Many potential investors are hesitant to start portfolios today due to the state of the economy. However, it’s during times like these when investors should take the opportunity to accumulate shares at massive discounts. Being able to keep a cool head and invest consistently during market downturns is essential if you desire to be successful in the stock market.
With that said, investors should also consider a TFSA for their starter portfolios. That’s because you’ll be able to withdraw all of your gains tax free. In this article, I’ll discuss three stocks I’d buy in a new portfolio today.
Start by acquiring solid dividend stocks
As a new investor, I believe you should focus on buying shares of solid dividend stocks. This is largely because dividend stocks tend to be less volatile than growth stocks. This will help you ease into the stock market and get used to the day-to-day changes that you’ll see in your portfolio. In addition, you can receive a regular distribution in return for holding those shares. Seeing that dividend grow over time can be a very fulfilling feeling.
If I could only choose one dividend stock to add to a new portfolio, it would be Fortis (TSX:FTS)(NYSE:FTS). This is one of the best dividend companies on the TSX, in my opinion. What’s impressive about Fortis is its long dividend-growth streak. The company has raised its dividend in each of the past 47 years. That gives it the second-longest active dividend-growth streak in the country.
Look for blue-chip companies
Blue-chip stocks should make up the bulk of your portfolio. By blue-chip stocks, I mean companies that are well-established and lead its respective industry. There are many companies that would satisfy this classification. One way you can find blue-chip stocks that are interesting to you is by looking at the S&P/TSX 60. This is a list of 60 blue-chip companies which lead important industries in Canada.
One blue-chip stock that investors should consider buying for a new portfolio is Brookfield Asset Management (TSX:BAM.A)(NYSE:BAM).

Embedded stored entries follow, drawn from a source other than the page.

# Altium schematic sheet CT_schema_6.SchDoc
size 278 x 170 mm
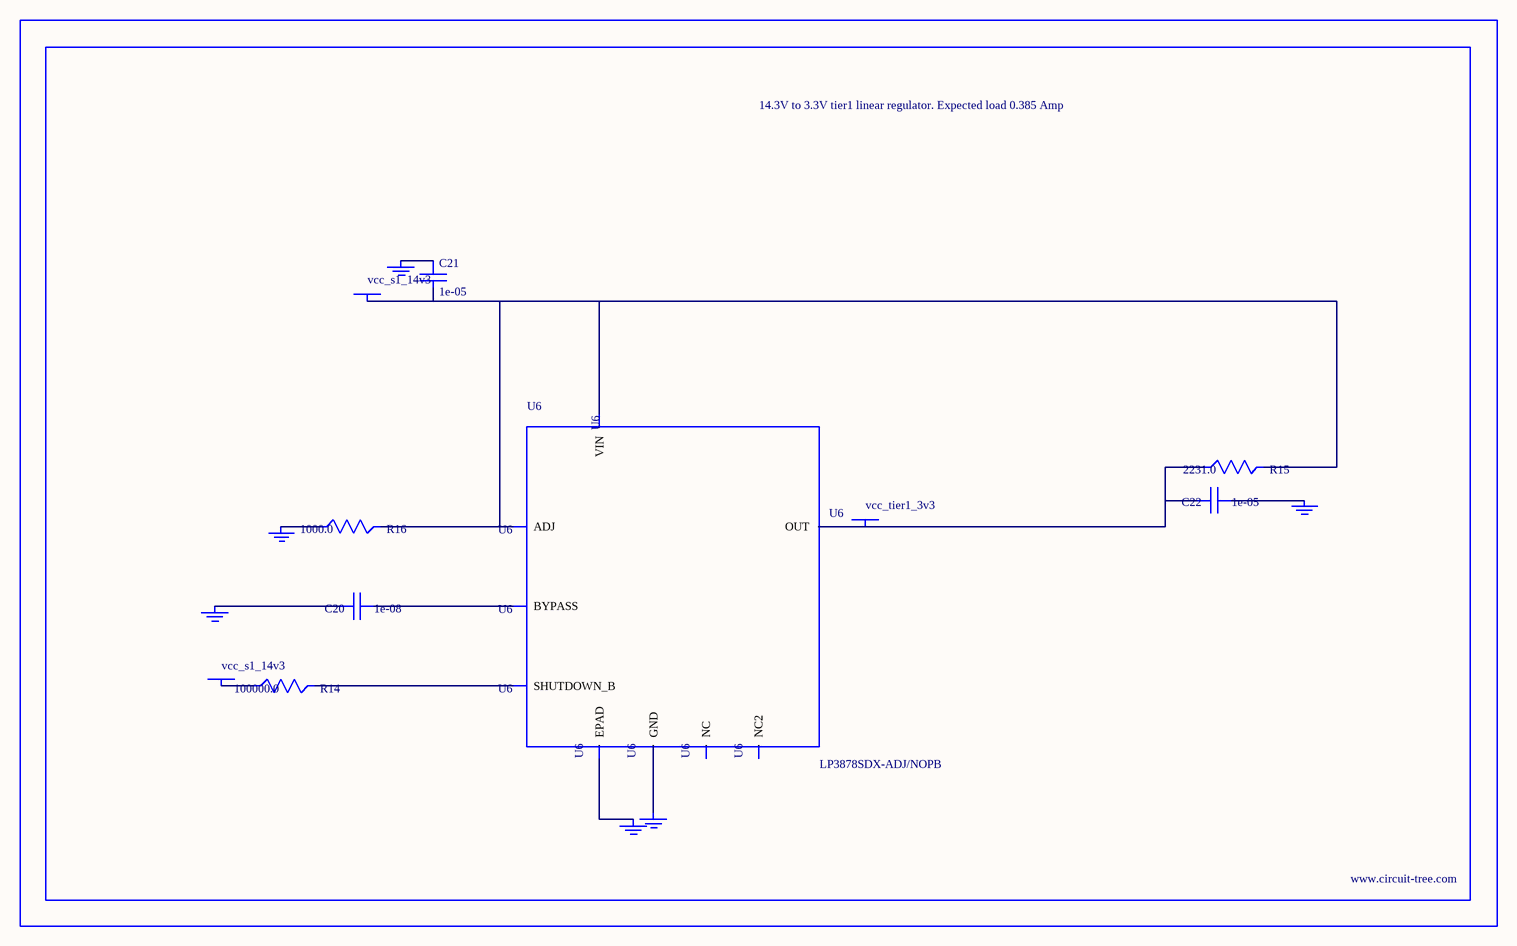
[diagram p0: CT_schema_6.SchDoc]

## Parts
BORDER5  (no value)
C20  1e-08  [C0402]
C21  1e-05  [C1210]
C22  1e-05  [C1210]
GND_INSTANCE_5_0  (no value)
GND_INSTANCE_5_1  (no value)
GND_INSTANCE_5_2  (no value)
GND_INSTANCE_5_3  (no value)
GND_INSTANCE_5_4  (no value)
GND_INSTANCE_5_5  (no value)
POWER_INSTANCE_5_0  vcc_s1_14v3
POWER_INSTANCE_5_1  vcc_s1_14v3
POWER_INSTANCE_5_2  vcc_tier1_3v3
R14  100000.0  [R0603]
R15  2231.0  [R0603]
R16  1000.0  [R0603]
U6  LP3878SDX-ADJ/NOPB  [WSON-8]

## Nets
NetC20_1: C20.1 U6.1(BYPASS)
NetC20_2: C20.2 GND_INSTANCE_5_0.0(GND)
NetC21_1: C21.1 GND_INSTANCE_5_1.0(GND)
NetC21_2: C21.2 POWER_INSTANCE_5_0.0(PWR) R15.2 R16.2 U6.4(VIN) U6.6(ADJ)
NetC22_1: C22.1 GND_INSTANCE_5_2.0(GND)
NetC22_2: C22.2 POWER_INSTANCE_5_2.0(PWR) R15.1 U6.5(OUT)
NetGND_INSTANCE_5_3_0: GND_INSTANCE_5_3.0(GND) R16.1
NetGND_INSTANCE_5_4_0: GND_INSTANCE_5_4.0(GND) U6.PAD(EPAD)
NetGND_INSTANCE_5_5_0: GND_INSTANCE_5_5.0(GND) U6.3(GND)
NetPOWER_INSTANCE_5_1_0: POWER_INSTANCE_5_1.0(PWR) R14.1
NetR14_2: R14.2 U6.8(SHUTDOWN_B)

Not connected (* = marked no-connect by the designer): U6 2(NC) 7(NC2)

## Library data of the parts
BORDER5 = BORDER_PAGE5
C20 = C0402C103K3RAC
C21 = C1210C106K5PACTU
C22 = GRM32DR61E106MA12L
GND_INSTANCE_5_0-GND_INSTANCE_5_5 = GND
POWER_INSTANCE_5_0-POWER_INSTANCE_5_2 = PWR
R14 = RC0603JR-07100KL
R15 = R15
R16 = RC0603JR-071KL
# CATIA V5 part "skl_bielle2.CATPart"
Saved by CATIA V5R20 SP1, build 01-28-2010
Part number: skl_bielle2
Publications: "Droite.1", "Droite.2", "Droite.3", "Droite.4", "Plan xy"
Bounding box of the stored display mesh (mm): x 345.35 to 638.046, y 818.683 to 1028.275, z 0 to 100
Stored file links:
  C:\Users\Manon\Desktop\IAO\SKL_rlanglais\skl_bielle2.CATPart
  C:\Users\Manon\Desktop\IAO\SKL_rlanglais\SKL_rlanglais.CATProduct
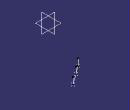
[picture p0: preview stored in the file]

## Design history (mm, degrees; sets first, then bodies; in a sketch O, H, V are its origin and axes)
Set1
  Point1 "E": linked copy from another document
  Point2 "C": linked copy from another document
  Point3 "B": linked copy from another document
Set2
  Line1: type PtPt, LineSecondUpto Point2, FirstPoint Point1, SecondPoint Point3
  Line2: type Normal, RefPoint Point3, RefSkin xy-plane, Start 0, End 100
  Line3: type Normal, RefPoint Point2, RefSkin xy-plane, Start 0, End 100
  Line4: type Normal, RefPoint Point1, RefSkin xy-plane, Start 0, End 100
Body1 (main body)
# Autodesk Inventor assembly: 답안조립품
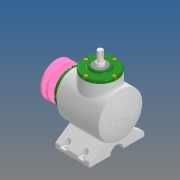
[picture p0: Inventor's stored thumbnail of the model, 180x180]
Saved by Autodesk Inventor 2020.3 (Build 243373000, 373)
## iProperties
Created: 2021-04
Part Number: 답안조립품
Document SubType Name: Assembly
Designer: EZDESIGN
Author: EZDESIGN
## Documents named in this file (17)
- C:\Users\EZDESIGN\Desktop\710407V1007\답안조립품.iam
- C:\Users\EZDESIGN\Desktop\710407V1007\답안본체.ipt
- C:\Users\EZDESIGN\Desktop\710407V1007\서브 베벨기어.ipt
- C:\Users\EZDESIGN\Desktop\710407V1007\서브 축.ipt
- 서브 축.ipt
- C:\Users\EZDESIGN\Desktop\710407V1007\키 4 x 4 x 14.ipt
- C:\Users\EZDESIGN\Desktop\710407V1007\베어링 6203.ipt
- C:\Users\EZDESIGN\Desktop\710407V1007\커버.ipt
- C:\Users\EZDESIGN\Desktop\710407V1007\오일실 17 x 32 x 8.ipt
- C:\Users\EZDESIGN\Desktop\710407V1007\볼트 M4 x 10.ipt
- C:\Users\EZDESIGN\Desktop\710407V1007\메인 베벨기어.ipt
- C:\Users\EZDESIGN\Desktop\710407V1007\키 5 x 5 x 14.ipt
- C:\Users\EZDESIGN\Desktop\710407V1007\메인 축.ipt
- 메인 축.ipt
- C:\Users\EZDESIGN\Desktop\710407V1007\V-벨트풀리.ipt
- C:\Users\EZDESIGN\Desktop\710407V1007\와셔 4 x 16.ipt
- C:\Users\EZDESIGN\Desktop\710407V1007\육각볼트 M4 x 8.ipt
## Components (1 placed, 1 different names)
1. V-벨트풀리:1
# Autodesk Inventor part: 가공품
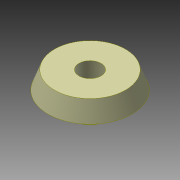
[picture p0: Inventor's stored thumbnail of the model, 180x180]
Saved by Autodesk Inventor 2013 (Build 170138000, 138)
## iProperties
Created: 2023-11
Part Number: 가공품
Material: 알루미늄 6061
Document SubType Name: Modeling
Designer: mdu-01
Density: 1 g/cm^3
Author: mdu-01
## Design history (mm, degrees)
sketch "스케치1"
  geometry: L1 (0, 4)-(0, -4); L2 (0, 4)-(8.044, 4); L3 (8.044, 4)-(9.5, 0); L4 (9.5, 0)-(5, 0); L5 (5, 0)-(5, -3); L6 (4, -4)-(0, -4); L7 (5, -3)-(4, -4); 2 further points
  constraints: 14 end point, 3 point on line, 2 parallel, 2 perpendicular, 1 midpoint, 1 vertical
  dimensions: "d0" = 4 distance between parallel lines of L6 L4; "d3" = 1 distance of L5.end point (5, -4); "d4" = 1 distance of L6.start point (5, -4) (= d3); "d5" = 10 diameter of L5 L1; "d6" = 19 diameter of L3.end L1; "d7" = 8 distance between parallel lines of L6 L2; "d8" = 20 deg angle of L1 L3
revolve "회전1" sketch "스케치1" stored, may be unused: angle "d9" = 90 deg
hole "구멍1" diameter "d12" = 5; stored, may be unused: countersink angle "d16" = 90 deg, drill point angle "d18" = 118 deg; dims "d10" = 10, "d11" = 10, "d13" = 6, "d14" = 4, "d15" = 2, "d17" = 5
node "솔리드1"
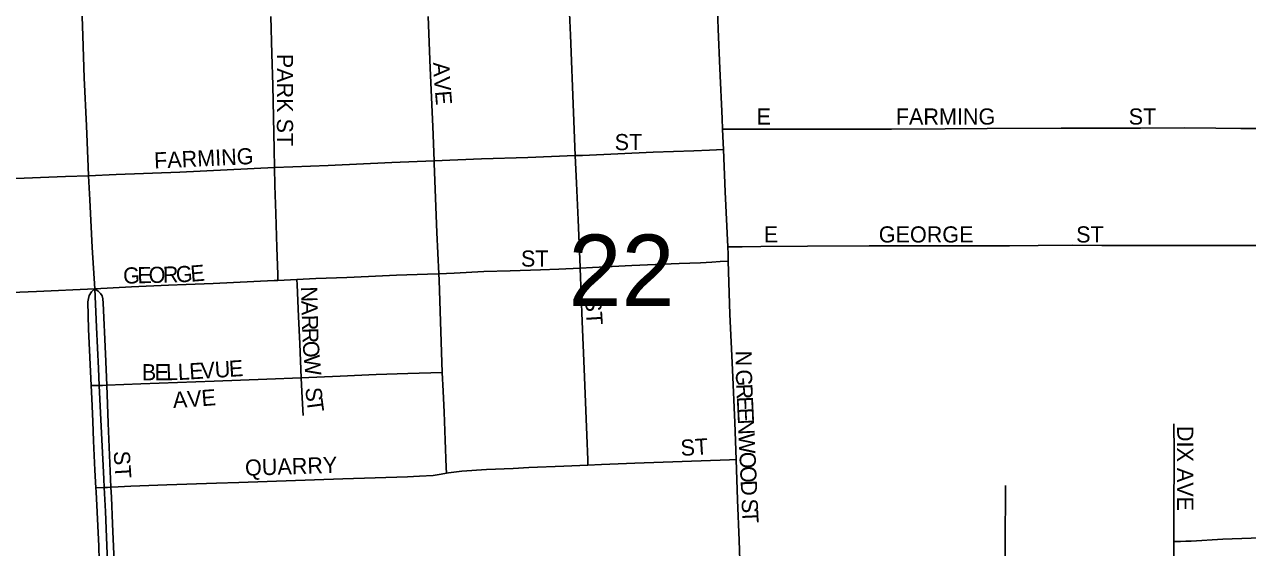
# Model space of a CAD drawing. Extents: x -9.1 to 34, y -3.1 to 22.
# Drawn here: x 5.381 to 6.099, y 20.093 to 20.4 of the extents above; entities that cross this region are included whole.
import ezdxf

# ---------------------------------------------------------------- set-up
doc = ezdxf.new("R2010")
doc.units = 0
for name, color, linetype in [('GM_X_City_Street', 7, 'Continuous'), ('GM_X_City_Street_Text', 7, 'Continuous'), ('GM_X_Section_Text', 7, 'Continuous'), ('GM_X_State_Route', 7, 'Continuous')]:
    doc.layers.add(name, color=color, linetype=linetype)

msp = doc.modelspace()

# ---------------------------------------------------------------- linework, layer by layer
at = {"layer": 'GM_X_City_Street'}
for points in [[(5.7908, 20.33829), (5.79053, 20.34463), (5.78927, 20.37389), (5.78828, 20.39705), (5.78779, 20.40874)], [(5.5279, 20.31583), (5.52764, 20.32641), (5.5269, 20.36416), (5.52639, 20.38256), (5.52574, 20.40439)], [(5.62149, 20.31972), (5.62087, 20.33986), (5.61929, 20.37419), (5.61799, 20.40438)], [(5.70439, 20.32282), (5.70337, 20.34816), (5.70151, 20.39341), (5.70101, 20.40644)], [(5.7908, 20.33829), (5.79738, 20.33829), (5.81437, 20.3383), (5.84309, 20.3383), (5.86881, 20.3383), (5.8899, 20.33831), (5.92147, 20.33849), (5.94611, 20.33868), (5.98956, 20.33886), (6.01761, 20.33886), (6.03613, 20.33886), (6.06195, 20.33904), (6.08031, 20.33887), (6.09509, 20.3387), (6.11242, 20.33871), (6.16204, 20.33855), (6.17563, 20.33855), (6.17977, 20.33855)], [(5.79132, 20.3265), (5.79115, 20.33019), (5.7908, 20.33829)], [(5.70439, 20.32282), (5.67657, 20.32178), (5.64929, 20.32087), (5.62149, 20.31972)], [(5.79132, 20.3265), (5.78322, 20.32612), (5.77391, 20.3257), (5.75014, 20.32486), (5.70872, 20.32299), (5.70439, 20.32282)], [(5.70722, 20.25687), (5.70719, 20.25739), (5.70601, 20.28513), (5.70508, 20.30673), (5.70439, 20.32282)], [(5.79384, 20.26928), (5.79242, 20.30155), (5.79132, 20.3265)], [(5.5279, 20.31583), (5.47233, 20.31318), (5.435, 20.31173), (5.41873, 20.31105)], [(5.62149, 20.31972), (5.59673, 20.31882), (5.55941, 20.31711), (5.53859, 20.31631), (5.5279, 20.31583)], [(5.52987, 20.24962), (5.52976, 20.25314), (5.52928, 20.26892), (5.52867, 20.28879), (5.52817, 20.30536), (5.5279, 20.31583)], [(5.6243, 20.25357), (5.62313, 20.27764), (5.62154, 20.31815), (5.62149, 20.31972)], [(5.41873, 20.31105), (5.4052, 20.3105), (5.37122, 20.30913), (5.35541, 20.30845), (5.3479, 20.30813), (5.33887, 20.30775)], [(5.79384, 20.26928), (5.8023, 20.26936), (5.8132, 20.26947), (5.84073, 20.26965), (5.8768, 20.2699), (5.90938, 20.26984), (5.93164, 20.26984), (5.95917, 20.26985), (5.97615, 20.27011), (5.99621, 20.2702), (6.01343, 20.27006), (6.03546, 20.27004), (6.05603, 20.27005), (6.08483, 20.27013), (6.14681, 20.2701), (6.17985, 20.27023)], [(5.79416, 20.26096), (5.79403, 20.26498), (5.79384, 20.26928)], [(5.6243, 20.25357), (5.63326, 20.25396), (5.65082, 20.25478), (5.66628, 20.25532), (5.68406, 20.25585), (5.69477, 20.25619), (5.70722, 20.25687)], [(5.70722, 20.25687), (5.71448, 20.25721), (5.73753, 20.25835), (5.76543, 20.25959), (5.77783, 20.26), (5.78449, 20.26029), (5.78941, 20.26063), (5.79416, 20.26096)], [(5.71181, 20.14125), (5.7117, 20.14426), (5.71117, 20.15886), (5.71077, 20.16834), (5.70958, 20.19781), (5.70847, 20.22556), (5.70722, 20.25687)], [(5.79883, 20.14454), (5.79807, 20.16619), (5.79662, 20.1971), (5.79516, 20.22986), (5.79416, 20.26096)], [(5.4224, 20.24474), (5.44391, 20.24582), (5.46561, 20.24675), (5.47608, 20.24713), (5.49188, 20.24781), (5.52759, 20.24947), (5.52987, 20.24962)], [(5.52987, 20.24962), (5.54101, 20.25017)], [(5.54101, 20.25017), (5.55219, 20.25076), (5.57038, 20.2514), (5.58311, 20.25185), (5.59944, 20.2526), (5.61762, 20.25328), (5.6243, 20.25357)], [(5.54346, 20.19255), (5.54269, 20.21239), (5.54205, 20.22854), (5.54116, 20.24699), (5.54101, 20.25017)], [(5.62625, 20.19567), (5.62527, 20.22543), (5.62445, 20.24975), (5.6243, 20.25357)], [(5.34174, 20.24123), (5.34778, 20.24148), (5.36868, 20.24234), (5.38812, 20.24302), (5.4224, 20.24474)], [(5.42034, 20.18791), (5.41879, 20.22093), (5.41832, 20.2371), (5.41864, 20.23906), (5.4191, 20.24072), (5.42045, 20.24285), (5.4224, 20.24474)], [(5.42949, 20.18809), (5.42868, 20.20645), (5.42738, 20.23634), (5.42711, 20.23884), (5.42665, 20.24051), (5.42575, 20.24202), (5.42438, 20.24323), (5.4224, 20.24474)], [(5.42949, 20.18809), (5.44936, 20.18891), (5.47091, 20.18967), (5.49249, 20.19055), (5.52346, 20.19177), (5.54346, 20.19255)], [(5.54346, 20.19255), (5.56634, 20.19348), (5.58753, 20.19441), (5.6062, 20.19506), (5.62625, 20.19567)], [(5.54474, 20.17029), (5.54434, 20.17726), (5.54394, 20.18437), (5.54346, 20.19255)], [(5.62882, 20.13656), (5.62868, 20.13978), (5.62803, 20.15595), (5.62736, 20.17229), (5.62683, 20.18471), (5.62625, 20.19567)], [(5.42034, 20.18791), (5.42134, 20.18793), (5.42508, 20.18801), (5.42702, 20.18806), (5.42949, 20.18809)], [(5.42304, 20.12789), (5.4224, 20.13833), (5.42173, 20.15555), (5.42121, 20.16681), (5.42069, 20.18037), (5.42034, 20.18791)], [(5.43192, 20.12827), (5.43036, 20.16587), (5.42949, 20.18809)], [(6.05562, 20.09643), (6.05562, 20.09861), (6.05566, 20.11012), (6.0557, 20.12196), (6.0558, 20.13808), (6.05587, 20.14893), (6.05565, 20.16554)], [(5.62882, 20.13656), (5.63004, 20.13681), (5.63777, 20.13769), (5.65232, 20.13859), (5.66787, 20.13921), (5.6772, 20.13985), (5.69768, 20.14069), (5.71181, 20.14125)], [(5.71181, 20.14125), (5.71981, 20.14157), (5.7394, 20.14247), (5.79483, 20.1444), (5.79883, 20.14454)], [(5.80167, 20.06693), (5.80138, 20.07371), (5.80053, 20.09698), (5.79966, 20.1208), (5.79883, 20.14454)], [(5.43192, 20.12827), (5.43608, 20.1285), (5.44364, 20.12885), (5.46472, 20.12974), (5.49375, 20.13065), (5.50689, 20.13115), (5.56803, 20.13328), (5.60595, 20.13448), (5.613, 20.13469), (5.62108, 20.13522), (5.62565, 20.13592), (5.62882, 20.13656)], [(5.42304, 20.12789), (5.42794, 20.12812), (5.42981, 20.12821), (5.43192, 20.12827)], [(5.42584, 20.06509), (5.42555, 20.0739), (5.42496, 20.08549), (5.42476, 20.09374), (5.42319, 20.12556), (5.42304, 20.12789)], [(5.43459, 20.06532), (5.43418, 20.07567), (5.43282, 20.10684), (5.43213, 20.12246), (5.43192, 20.12827)], [(5.95651, 20.0731), (5.95656, 20.08276), (5.95661, 20.08902), (5.95669, 20.09997), (5.95674, 20.10718), (5.95681, 20.11588), (5.9569, 20.12932)], [(6.05562, 20.09643), (6.0596, 20.0965), (6.06269, 20.09655), (6.06579, 20.09668), (6.08435, 20.09775), (6.11227, 20.09887), (6.12754, 20.09957)], [(6.05562, 20.07709), (6.05559, 20.0894), (6.05562, 20.09643)]]:
    msp.add_lwpolyline(points, dxfattribs=at)
at = {"layer": 'GM_X_State_Route'}
for points in [[(5.42203, 20.25076), (5.42091, 20.26895), (5.41942, 20.29693), (5.41873, 20.31105), (5.41849, 20.31629), (5.41746, 20.34028), (5.41624, 20.36841), (5.41546, 20.39316), (5.41499, 20.40452), (5.41404, 20.42753), (5.41263, 20.46423), (5.41238, 20.471), (5.41109, 20.50504), (5.40943, 20.5372), (5.40808, 20.56667), (5.40663, 20.59827), (5.40616, 20.60942), (5.40556, 20.62026), (5.40491, 20.63224), (5.40449, 20.64596)], [(5.42584, 20.17195), (5.42508, 20.18801), (5.4246, 20.19802), (5.42337, 20.22227), (5.4224, 20.24474), (5.42203, 20.25076)], [(5.43279, 20.01338), (5.43145, 20.04569), (5.43065, 20.06433), (5.43062, 20.06522), (5.43005, 20.07963), (5.42927, 20.09905), (5.42867, 20.11406), (5.42794, 20.12812), (5.42768, 20.13329), (5.42622, 20.16397), (5.42584, 20.17195)]]:
    msp.add_lwpolyline(points, dxfattribs=at)

# ---------------------------------------------------------------- texts
at = {"layer": 'GM_X_City_Street_Text'}
for s, rotation, p in [('PARK ST', 270, (5.52929, 20.38259)), ('A', 272.97374, (5.62096, 20.37746)), ('V', 274.48585, (5.62141, 20.36886)), ('E', 274.59393, (5.62206, 20.36054)), ('E', 0.00001, (5.81084, 20.34103)), ('FARMING', 0.00001, (5.89251, 20.34104)), ('ST', 0.00001, (6.02918, 20.34104)), ('ST', 0.00001, (5.72751, 20.32603)), ('FARMING', 2.68234, (5.45743, 20.3152)), ('E', 0.00001, (5.81501, 20.27187)), ('GEORGE', 0.00001, (5.88251, 20.27187)), ('ST', 0.00001, (5.99834, 20.27187)), ('ST', 0.00001, (5.67251, 20.2577)), ('G', 1.33324, (5.43914, 20.2477)), ('E', 1.31126, (5.44747, 20.2479)), ('O', 1.33376, (5.45414, 20.24805)), ('R', 1.31133, (5.46247, 20.24824)), ('G', 2.54096, (5.47019, 20.24842)), ('E', 4.59392, (5.47888, 20.24881)), ('N', 271.46432, (5.54346, 20.24597)), ('A', 271.46432, (5.54367, 20.23763)), ('ST', 273.57379, (5.71012, 20.23937)), ('R', 271.45699, (5.54389, 20.2293)), ('R', 271.78683, (5.54408, 20.22174)), ('O', 274.22479, (5.54434, 20.21381)), ('W', 275.16483, (5.54496, 20.20533)), ('N', 270.10931, (5.79846, 20.20841)), ('B', 0.04858, (5.45001, 20.19104)), ('E', 0.05465, (5.45751, 20.19104)), ('L', 0.75666, (5.4643, 20.19105)), ('L', 3.05321, (5.47138, 20.19115)), ('E', 3.64897, (5.47814, 20.19151)), ('V', 3.65269, (5.48479, 20.19193)), ('U', 3.64292, (5.49311, 20.19246)), ('E', 3.63598, (5.50142, 20.193)), ('G', 272.10062, (5.79852, 20.19723)), ('A', 3.03921, (5.46848, 20.17475)), ('V', 4.24718, (5.47702, 20.1752)), ('E', 4.38111, (5.48535, 20.17582)), ('S', 275.28102, (5.54597, 20.18652)), ('R', 272.60606, (5.79883, 20.18881)), ('T', 277.44886, (5.54663, 20.1795)), ('E', 272.65352, (5.79917, 20.18131)), ('E', 272.62366, (5.79948, 20.17465)), ('N', 272.63077, (5.79978, 20.16799)), ('DIX AVE', 270, (6.05762, 20.16426)), ('ST', 3.57463, (5.76648, 20.14661)), ('W', 272.62395, (5.80016, 20.15966)), ('ST', 273.57465, (5.43345, 20.14936)), ('O', 272.63077, (5.80066, 20.14884)), ('QUARRY', 1.94418, (5.51074, 20.13495)), ('O', 272.62341, (5.80104, 20.14051)), ('D', 272.63077, (5.80142, 20.13219)), ('S', 272.65095, (5.80192, 20.12136)), ('T', 272.62366, (5.80223, 20.1147))]:
    msp.add_text(s, height=0.00947, rotation=rotation, dxfattribs=at).set_placement(p)
at = {"layer": 'GM_X_Section_Text'}
msp.add_text('22', height=0.041856, rotation=0.00001, dxfattribs=at).set_placement((5.70043, 20.23463))

doc.saveas('drawing.dxf')

With about $725 billion of assets under management, Brookfield is one of the largest alternative asset management firms in the world. Through its subsidiaries, it has exposure to the infrastructure, real estate, renewable utility, and private equity markets.
Add a bit of growth to your portfolio
Finally, it’s natural to want to add stocks that can provide a bit more growth to your portfolio. In this case, I would suggest that new investors still stick to blue-chip companies. An example of such a company would be Shopify (TSX:SHOP)(NYSE:SHOP). Although it may seem like a controversial company to invest in today due to how much its fallen this year, I believe Shopify still has a bright future.
It provides merchants of all sizes with a platform and the tools necessary to operate online stores. In Q2 2021, Shopify surpassed Amazon in terms of monthly unique visitors for the first time in history. As consumers continue to shift towards online retail, Shopify should have a place in our economy. As a leader in the emerging e-commerce industry, I have a hard time imagining a future where Shopify isn’t successful.